Managing your health, whether it is good or bad, is a challenge, especially in college. As a first-generation college student, I struggled to navigate my way through my science degree, even with the correct medications and support system.

 

Around my junior year of college, I lost my health insurance unexpectedly and, as a result, my clinical support system. If I was working with a patient who was going through the same thing, I would have presented them with a plan of action, outlined options available following a change-of-life event, and help them identify the steps to get covered.

 

But when it happened to me, I couldn’t think.

 

The physical, mental, emotional, and academic toll of managing my health without the proper medication or support for a full year until open enrollment was insurmountable.

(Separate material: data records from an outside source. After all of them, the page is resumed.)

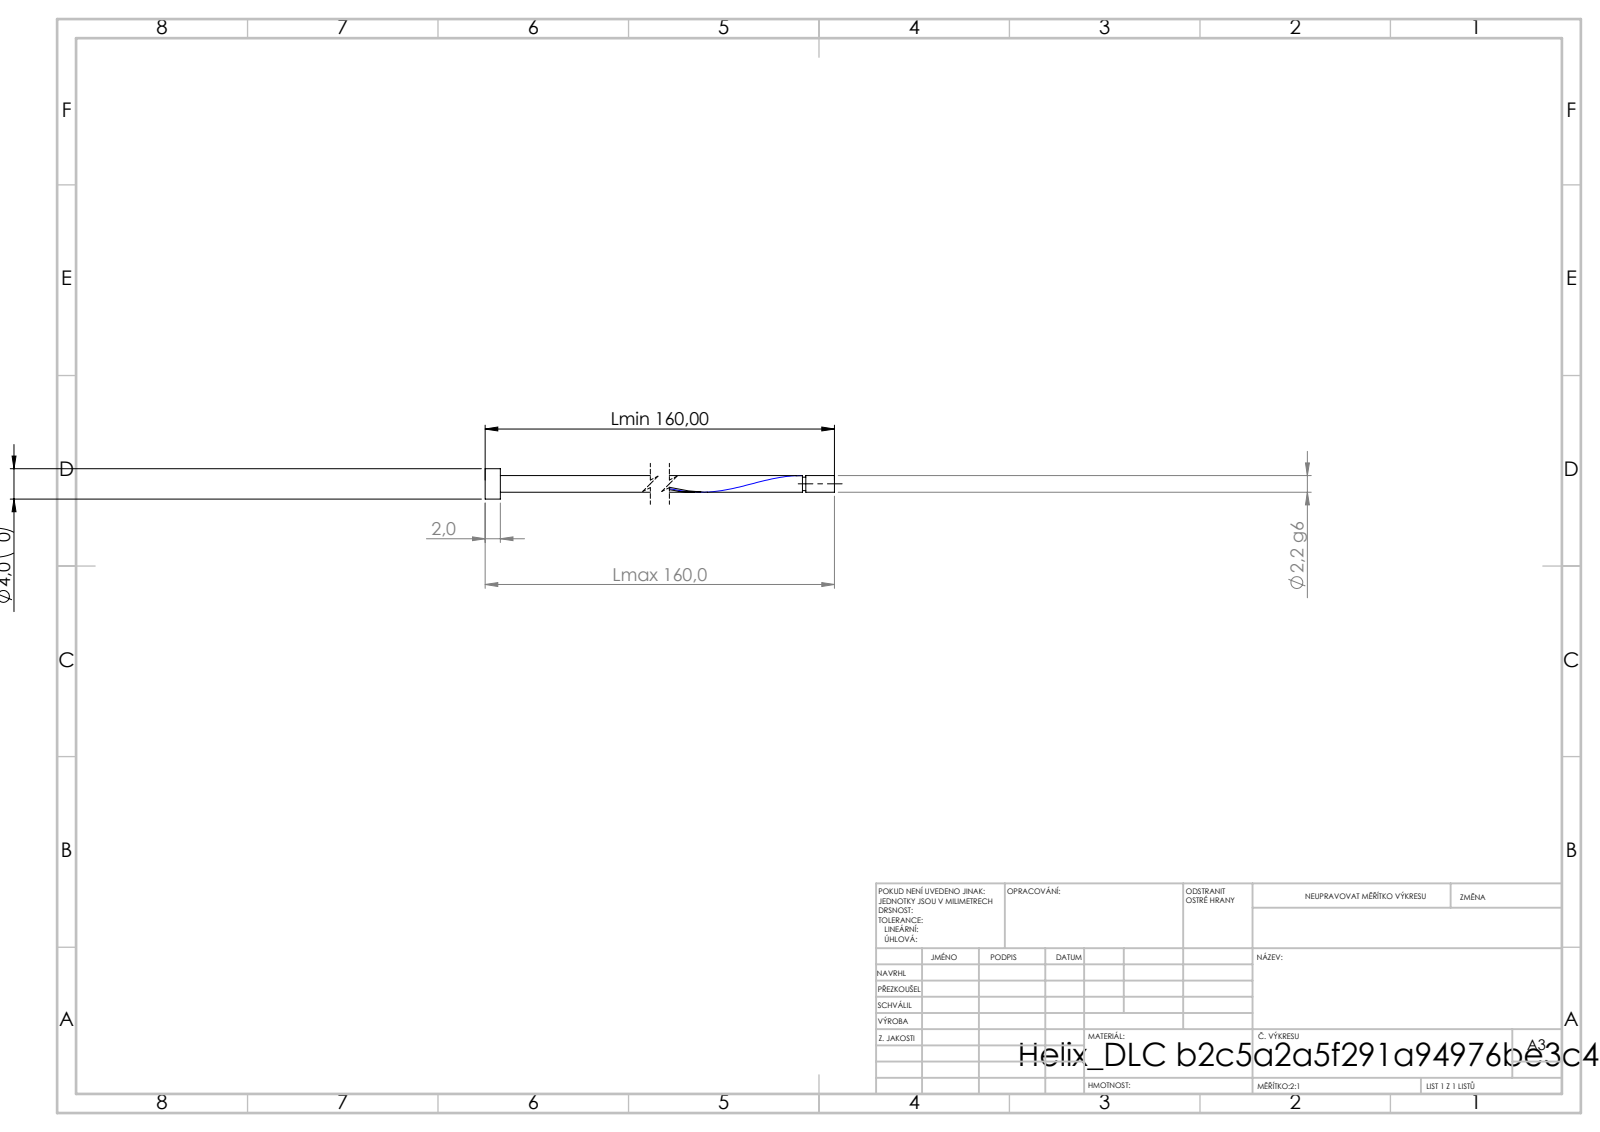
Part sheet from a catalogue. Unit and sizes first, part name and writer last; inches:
Units: inches
Overall size (bounding box): 6.299 × 0.157 × 0.157
Round bosses / shafts (diameter × count): ⌀0.157 ×1, ⌀0.087 ×1, ⌀0.069 ×1
Main face-to-face distances: 0.079, 6.299, 6.22, 6.151, 6.072, 0.148, 6.133, 6.055, 0.017, 0.166
Volume: 0.046 in³ · Surface area: 2.372 in²
Bodies: 1 solid, 16 faces (6 planar, 9 cylindrical, 1 other)
STEP written by: SolidWorks 2019 (CONFIG_CONTROL_DESIGN)

Sadly enough, all this was avoidable.

 

People lean into conversations about health insurance the older they get because their insurance needs are changing. They become eligible for Medicare, they need to pick a Medicare Part D plan, and they need to understand their health benefits in retirement and so much more. Young people need to learn about their coverage too because insurance is just as confusing when you’re young as when you get older.

 

Is my job’s plan better than my parents’? What happens after I turn 26? Am I eligible for Medicare before 65 if I have a chronic condition? What’s the deal with my student plan?

 

Sometimes, life happens and you have to learn lessons the hard way. Understanding that having health insurance is important should not be one of them. The National Patient Advocate Foundation (NPAF) offers a multitude of resources to help answer some of the questions you have about coverage all year round.

 

Losing my health insurance in one of the most stressful seasons of my life made me realize the importance of access and affordability of care. Health insurance is attainable, you just need some good guidance to help you find the best plan for you, at any age!

 

Nichole Davis, BCPA is a NPAF volunteer and resident of Ohio.